WHAT YOU SHOULD DO -> When you write out the records, keep every word exact and drop the pictures.

(Data records)
----------------
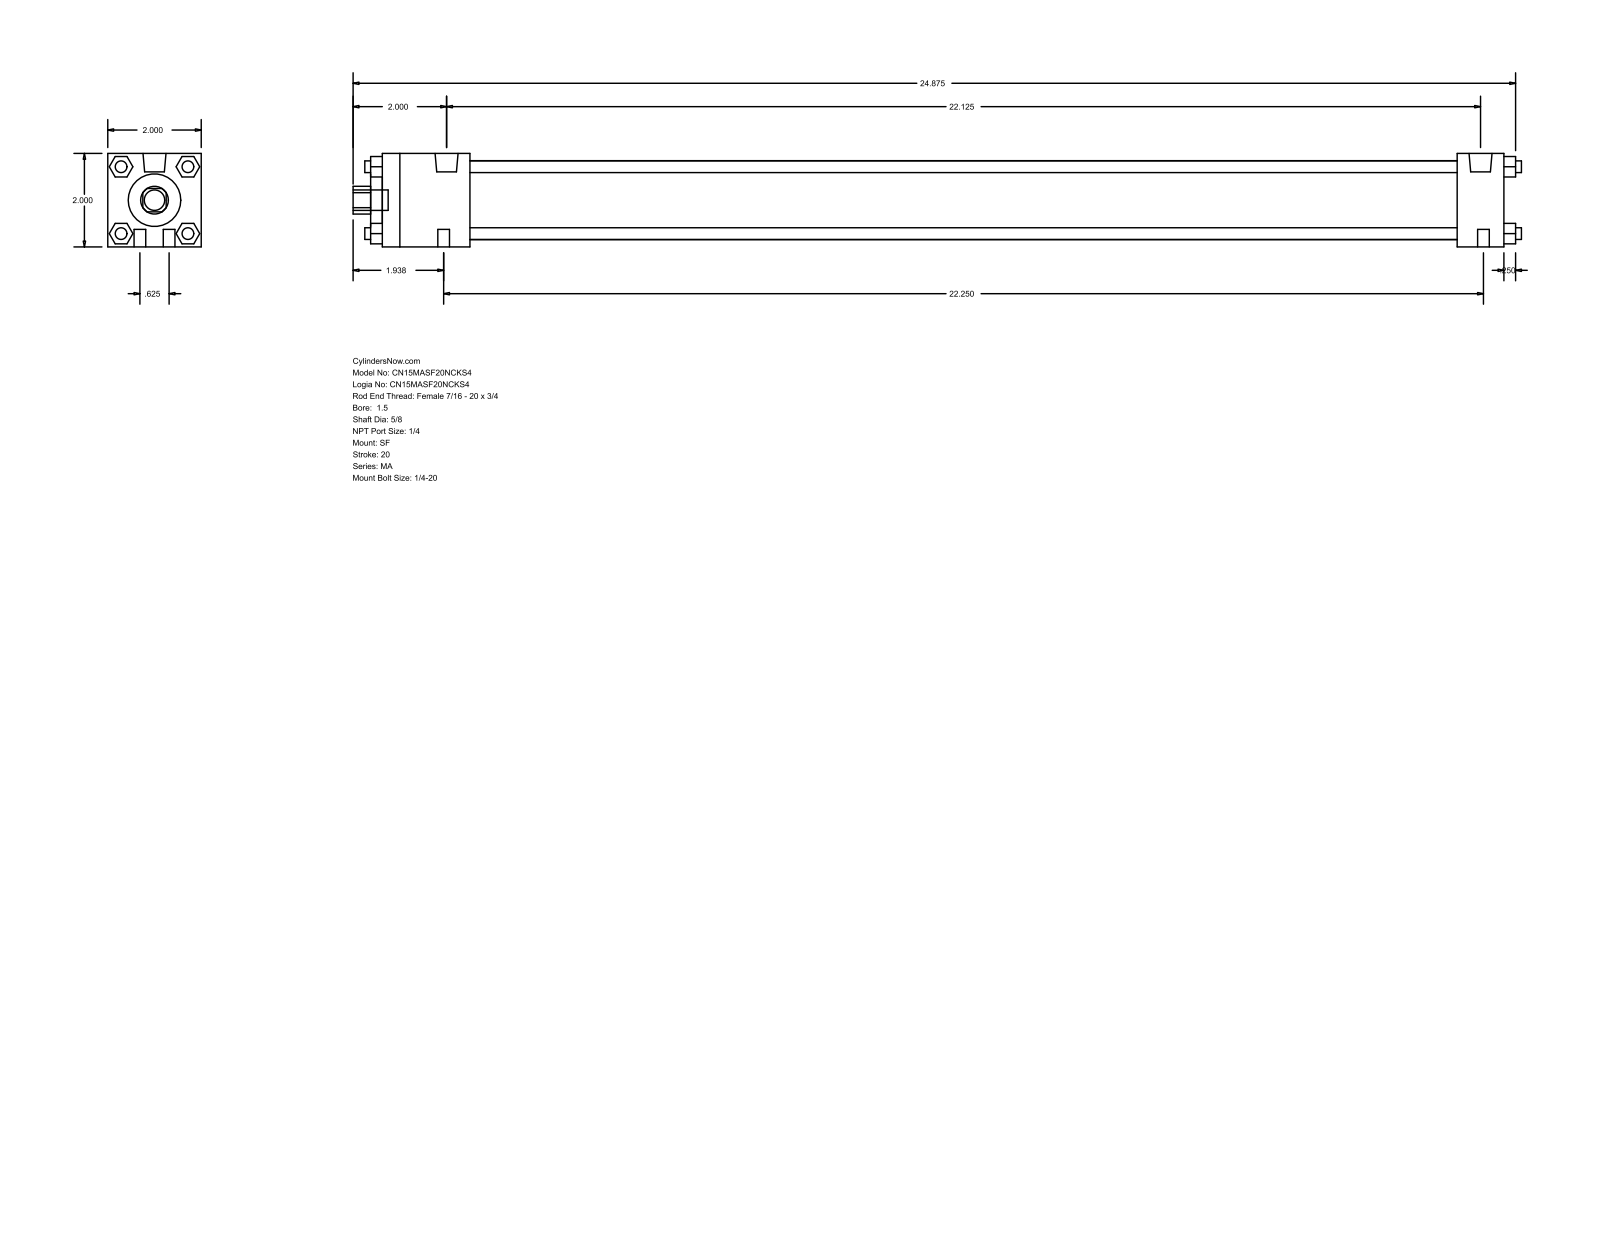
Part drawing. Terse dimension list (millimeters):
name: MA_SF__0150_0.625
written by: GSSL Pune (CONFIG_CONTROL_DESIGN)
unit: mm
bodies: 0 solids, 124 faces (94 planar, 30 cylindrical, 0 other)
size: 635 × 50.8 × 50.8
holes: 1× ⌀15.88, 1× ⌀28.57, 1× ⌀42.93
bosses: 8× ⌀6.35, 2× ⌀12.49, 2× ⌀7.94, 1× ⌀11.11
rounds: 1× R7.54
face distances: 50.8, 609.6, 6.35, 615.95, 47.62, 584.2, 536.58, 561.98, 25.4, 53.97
----------------
RESULT OF THIS EXERCISE ->
Part drawing. Terse dimension list (millimeters):
name: MA_SF__0150_0.625
written by: GSSL Pune (CONFIG_CONTROL_DESIGN)
unit: mm
bodies: 0 solids, 124 faces (94 planar, 30 cylindrical, 0 other)
size: 635 × 50.8 × 50.8
holes: 1× ⌀15.88, 1× ⌀28.57, 1× ⌀42.93
bosses: 8× ⌀6.35, 2× ⌀12.49, 2× ⌀7.94, 1× ⌀11.11
rounds: 1× R7.54
face distances: 50.8, 609.6, 6.35, 615.95, 47.62, 584.2, 536.58, 561.98, 25.4, 53.97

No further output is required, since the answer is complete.